WORK INSTRUCTIONS:
Among the lines below, output only those between the line holding "#313 = VERTEX_POINT ( 'NONE', #608 ) ;" and the line holding "FILE_SCHEMA (( 'CONFIG_CONTROL_DESIGN' ));", inclusive, exactly as written and with no pictures.

MATERIAL SHOWN:
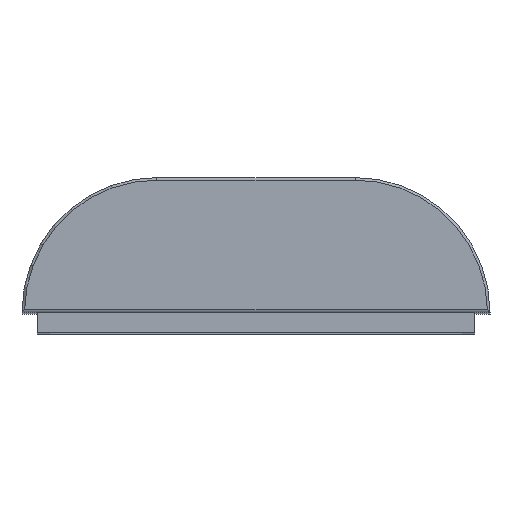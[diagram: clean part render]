
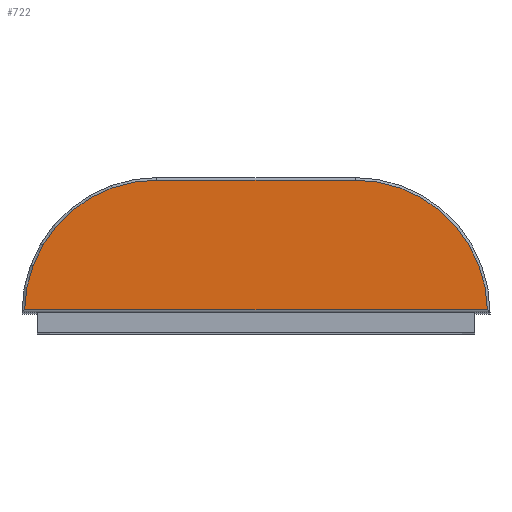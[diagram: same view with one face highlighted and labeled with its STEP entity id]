
A CAD part, top view. The second image highlights one B-rep face of the part: STEP entity #722.
In plain terms, the highlighted planar face has unit normal (0, 0, 1).
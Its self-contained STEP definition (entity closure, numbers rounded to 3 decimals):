
#16 = DIRECTION ( 'NONE',  ( 1., 0., 0. ) ) ;
#67 = EDGE_CURVE ( 'NONE', #831, #313, #1633, .T. ) ;
#112 = CARTESIAN_POINT ( 'NONE',  ( 7.8, 0., 39. ) ) ;
#114 = EDGE_CURVE ( 'NONE', #313, #224, #584, .T. ) ;
#155 = EDGE_CURVE ( 'NONE', #224, #685, #552, .T. ) ;
#165 = EDGE_CURVE ( 'NONE', #685, #831, #872, .T. ) ;
#224 = VERTEX_POINT ( 'NONE', #1554 ) ;
#225 = DIRECTION ( 'NONE',  ( 1., 0., 0. ) ) ;
#233 = CARTESIAN_POINT ( 'NONE',  ( 7.8, 0., 39. ) ) ;
#313 = VERTEX_POINT ( 'NONE', #608 ) ;
#457 = VECTOR ( 'NONE', #815, 1000. ) ;
#464 = PLANE ( 'NONE',  #1559 ) ;
#552 = LINE ( 'NONE', #676, #701 ) ;
#572 = DIRECTION ( 'NONE',  ( 0., 0., 1. ) ) ;
#580 = DIRECTION ( 'NONE',  ( 0., 0., 1. ) ) ;
#584 = CIRCLE ( 'NONE', #1071, 10.4 ) ;
#603 = ORIENTED_EDGE ( 'NONE', *, *, #114, .T. ) ;
#608 = CARTESIAN_POINT ( 'NONE',  ( -7.8, 10.4, 39. ) ) ;
#667 = CARTESIAN_POINT ( 'NONE',  ( 7.8, 10.4, 39. ) ) ;
#676 = CARTESIAN_POINT ( 'NONE',  ( 7.8, 0.2, 39. ) ) ;
#685 = VERTEX_POINT ( 'NONE', #858 ) ;
#701 = VECTOR ( 'NONE', #16, 1000. ) ;
#722 = ADVANCED_FACE ( 'NONE', ( #1197 ), #464, .T. ) ;
#815 = DIRECTION ( 'NONE',  ( -1., 0., 0. ) ) ;
#831 = VERTEX_POINT ( 'NONE', #667 ) ;
#858 = CARTESIAN_POINT ( 'NONE',  ( 18.198, 0.2, 39. ) ) ;
#872 = CIRCLE ( 'NONE', #1006, 10.4 ) ;
#919 = DIRECTION ( 'NONE',  ( 0., 0., 1. ) ) ;
#1006 = AXIS2_PLACEMENT_3D ( 'NONE', #112, #919, #225 ) ;
#1071 = AXIS2_PLACEMENT_3D ( 'NONE', #1387, #572, #1522 ) ;
#1113 = CARTESIAN_POINT ( 'NONE',  ( 7.8, 10.4, 39. ) ) ;
#1197 = FACE_OUTER_BOUND ( 'NONE', #1496, .T. ) ;
#1387 = CARTESIAN_POINT ( 'NONE',  ( -7.8, 0., 39. ) ) ;
#1471 = ORIENTED_EDGE ( 'NONE', *, *, #165, .T. ) ;
#1495 = ORIENTED_EDGE ( 'NONE', *, *, #67, .T. ) ;
#1496 = EDGE_LOOP ( 'NONE', ( #1495, #603, #1585, #1471 ) ) ;
#1522 = DIRECTION ( 'NONE',  ( 1., 0., 0. ) ) ;
#1532 = DIRECTION ( 'NONE',  ( 1., 0., 0. ) ) ;
#1554 = CARTESIAN_POINT ( 'NONE',  ( -18.198, 0.2, 39. ) ) ;
#1559 = AXIS2_PLACEMENT_3D ( 'NONE', #233, #580, #1532 ) ;
#1585 = ORIENTED_EDGE ( 'NONE', *, *, #155, .T. ) ;
#1633 = LINE ( 'NONE', #1113, #457 ) ;
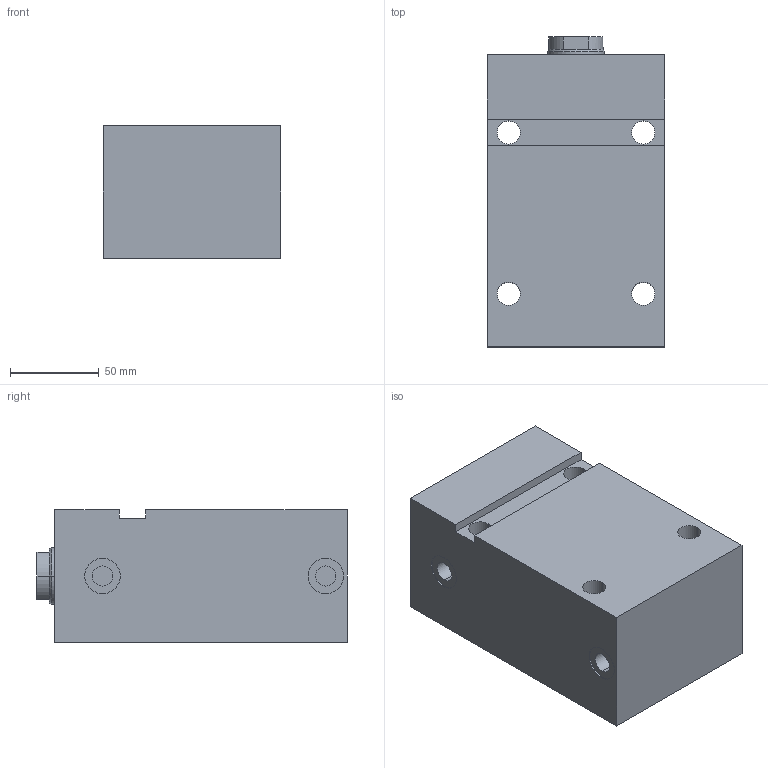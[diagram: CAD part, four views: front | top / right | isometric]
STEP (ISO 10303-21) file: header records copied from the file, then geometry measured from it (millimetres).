
FILE_DESCRIPTION (( 'STEP AP203' ), '1' );
FILE_NAME ('GERMA_Blockzylinder_602-050-100.STEP', '2015-08-22T18:35:21', ( '' ), ( '' ), 'SwSTEP 2.0', 'SolidWorks 2015', '' );
FILE_SCHEMA (( 'CONFIG_CONTROL_DESIGN' ));
Length unit declared in the file: millimetre
Products named in the file (3): GERMA_Blockzylinder_602-050-100; GH-600-050_GH-602-050-100; Kolben 60x-050_Kolben DU.50-Hub100-IG
Assembly tree (2 placements, depth 2):
  GERMA_Blockzylinder_602-050-100
    GH-600-050_GH-602-050-100
    Kolben 60x-050_Kolben DU.50-Hub100-IG
Bounding box: 100 x 175 x 75 mm (x, y, z)
Volume: 1069755.8 mm3; surface area: 133899.3 mm2
Topology: 2 solids, 2 shells, 77 faces, 172 edges, 106 vertices
Faces by surface type: cylinder 37, plane 26, cone 14
Entity records: 2434 total; most frequent: DIRECTION 415, CARTESIAN_POINT 354, ORIENTED_EDGE 332, AXIS2_PLACEMENT_3D 167, EDGE_CURVE 166, VERTEX_POINT 106, EDGE_LOOP 98, CIRCLE 85
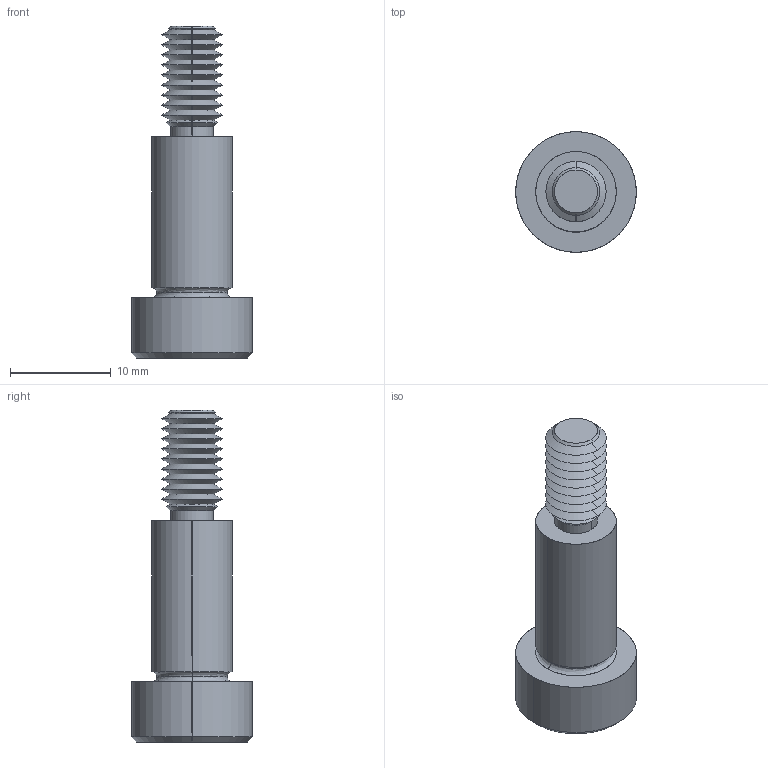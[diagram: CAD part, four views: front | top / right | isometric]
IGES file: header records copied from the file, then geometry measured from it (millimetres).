
Start section: SolidWorks IGES file using analytic representation for surfaces
Global section: file name: C:\Users\IanO\Documents\Temp Folder\GENERAL\SCREW REVISION\P0130_v2\P0130.T5_v2_20220106_IGES\P0130.080-016-T5.igs; native system: SolidWorks 2019; preprocessor: SolidWorks 2019; author: IanO; date: 220106.223320; units: millimetre
Bounding box: 12 x 12 x 33 mm (x, y, z)
Surface area: 1238.4 mm2 (no closed solid volume)
Topology: 0 solids, 0 shells, 80 faces, 580 edges, 578 vertices
Faces by surface type: revolution 60, bspline 20
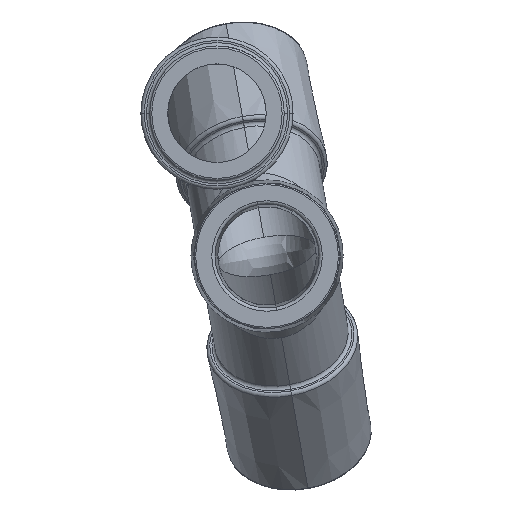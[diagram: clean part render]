
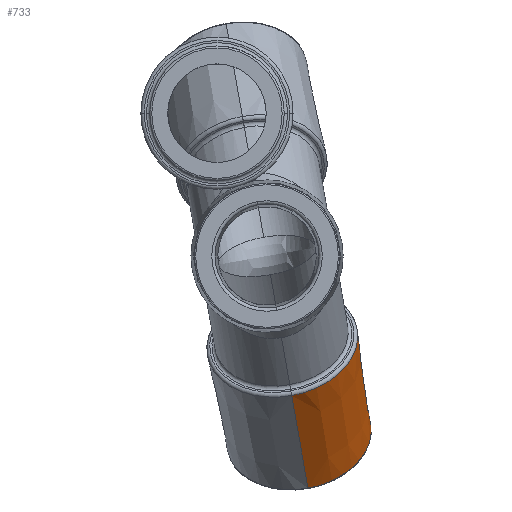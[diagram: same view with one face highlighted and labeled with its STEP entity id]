
A CAD part, left-side view. The second image highlights one B-rep face of the part: STEP entity #733.
In plain terms, the highlighted conical face has half-angle 1.432 degrees and reference radius 11.335 mm.
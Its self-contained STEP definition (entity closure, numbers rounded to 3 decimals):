
#371=CONICAL_SURFACE('',#6375,11.335,1.432);
#391=FACE_OUTER_BOUND('',#2077,.T.);
#733=ADVANCED_FACE('',(#391),#371,.T.);
#1182=CIRCLE('',#6373,10.815);
#1183=CIRCLE('',#6374,11.322);
#1340=LINE('',#10195,#1637);
#1341=LINE('',#10199,#1638);
#1637=VECTOR('',#6963,1.);
#1638=VECTOR('',#6966,1.);
#2077=EDGE_LOOP('',(#2655,#2656,#2657,#2658));
#2655=ORIENTED_EDGE('',*,*,#5081,.T.);
#2656=ORIENTED_EDGE('',*,*,#5082,.F.);
#2657=ORIENTED_EDGE('',*,*,#5083,.T.);
#2658=ORIENTED_EDGE('',*,*,#5084,.T.);
#4475=VERTEX_POINT('',#10193);
#4476=VERTEX_POINT('',#10194);
#4477=VERTEX_POINT('',#10196);
#4478=VERTEX_POINT('',#10198);
#5081=EDGE_CURVE('',#4475,#4476,#1182,.T.);
#5082=EDGE_CURVE('',#4477,#4476,#1340,.T.);
#5083=EDGE_CURVE('',#4477,#4478,#1183,.T.);
#5084=EDGE_CURVE('',#4478,#4475,#1341,.T.);
#6373=AXIS2_PLACEMENT_3D('',#10192,#6961,#6962);
#6374=AXIS2_PLACEMENT_3D('',#10197,#6964,#6965);
#6375=AXIS2_PLACEMENT_3D('',#10200,#6967,#6968);
#6961=DIRECTION('',(-0.707,0.123,0.696));
#6962=DIRECTION('',(0.707,0.123,0.696));
#6963=DIRECTION('',(0.689,-0.126,-0.714));
#6964=DIRECTION('',(0.707,-0.123,-0.696));
#6965=DIRECTION('',(0.707,0.123,0.696));
#6966=DIRECTION('',(0.725,-0.12,-0.679));
#6967=DIRECTION('',(-0.707,0.123,0.696));
#6968=DIRECTION('',(0.707,0.123,0.696));
#10192=CARTESIAN_POINT('',(66.318,-12.214,-123.269));
#10193=CARTESIAN_POINT('',(58.671,-13.542,-130.8));
#10194=CARTESIAN_POINT('',(73.965,-10.886,-115.738));
#10195=CARTESIAN_POINT('',(59.622,-8.268,-100.888));
#10196=CARTESIAN_POINT('',(59.975,-8.332,-101.254));
#10197=CARTESIAN_POINT('',(51.969,-9.722,-109.138));
#10198=CARTESIAN_POINT('',(43.963,-11.113,-117.023));
#10199=CARTESIAN_POINT('',(43.592,-11.051,-116.675));
#10200=CARTESIAN_POINT('',(51.607,-9.659,-108.782));

RESPONSE TO THE EXERCISE:
#313 = VERTEX_POINT ( 'NONE', #608 ) ;
#457 = VECTOR ( 'NONE', #815, 1000. ) ;
#464 = PLANE ( 'NONE',  #1559 ) ;
#552 = LINE ( 'NONE', #676, #701 ) ;
#572 = DIRECTION ( 'NONE',  ( 0., 0., 1. ) ) ;
#580 = DIRECTION ( 'NONE',  ( 0., 0., 1. ) ) ;
#584 = CIRCLE ( 'NONE', #1071, 10.4 ) ;
#603 = ORIENTED_EDGE ( 'NONE', *, *, #114, .T. ) ;
#608 = CARTESIAN_POINT ( 'NONE',  ( -7.8, 10.4, 39. ) ) ;
#667 = CARTESIAN_POINT ( 'NONE',  ( 7.8, 10.4, 39. ) ) ;
#676 = CARTESIAN_POINT ( 'NONE',  ( 7.8, 0.2, 39. ) ) ;
#685 = VERTEX_POINT ( 'NONE', #858 ) ;
#701 = VECTOR ( 'NONE', #16, 1000. ) ;
#722 = ADVANCED_FACE ( 'NONE', ( #1197 ), #464, .T. ) ;
#815 = DIRECTION ( 'NONE',  ( -1., 0., 0. ) ) ;
#831 = VERTEX_POINT ( 'NONE', #667 ) ;
#858 = CARTESIAN_POINT ( 'NONE',  ( 18.198, 0.2, 39. ) ) ;
#872 = CIRCLE ( 'NONE', #1006, 10.4 ) ;
#919 = DIRECTION ( 'NONE',  ( 0., 0., 1. ) ) ;
#1006 = AXIS2_PLACEMENT_3D ( 'NONE', #112, #919, #225 ) ;
#1071 = AXIS2_PLACEMENT_3D ( 'NONE', #1387, #572, #1522 ) ;
#1113 = CARTESIAN_POINT ( 'NONE',  ( 7.8, 10.4, 39. ) ) ;
#1197 = FACE_OUTER_BOUND ( 'NONE', #1496, .T. ) ;
#1387 = CARTESIAN_POINT ( 'NONE',  ( -7.8, 0., 39. ) ) ;
#1471 = ORIENTED_EDGE ( 'NONE', *, *, #165, .T. ) ;
#1495 = ORIENTED_EDGE ( 'NONE', *, *, #67, .T. ) ;
#1496 = EDGE_LOOP ( 'NONE', ( #1495, #603, #1585, #1471 ) ) ;
#1522 = DIRECTION ( 'NONE',  ( 1., 0., 0. ) ) ;
#1532 = DIRECTION ( 'NONE',  ( 1., 0., 0. ) ) ;
#1554 = CARTESIAN_POINT ( 'NONE',  ( -18.198, 0.2, 39. ) ) ;
#1559 = AXIS2_PLACEMENT_3D ( 'NONE', #233, #580, #1532 ) ;
#1585 = ORIENTED_EDGE ( 'NONE', *, *, #155, .T. ) ;
#1633 = LINE ( 'NONE', #1113, #457 ) ;
[diagram: CAD part, four views: front | top / right | isometric]
STEP (ISO 10303-21) file: header records copied from the file, then geometry measured from it (millimetres).
FILE_DESCRIPTION (( 'STEP AP203' ), '1' );
FILE_NAME ('GERMA_Blockzylinder_602-050-100.STEP', '2015-08-22T18:35:21', ( '' ), ( '' ), 'SwSTEP 2.0', 'SolidWorks 2015', '' );
FILE_SCHEMA (( 'CONFIG_CONTROL_DESIGN' ));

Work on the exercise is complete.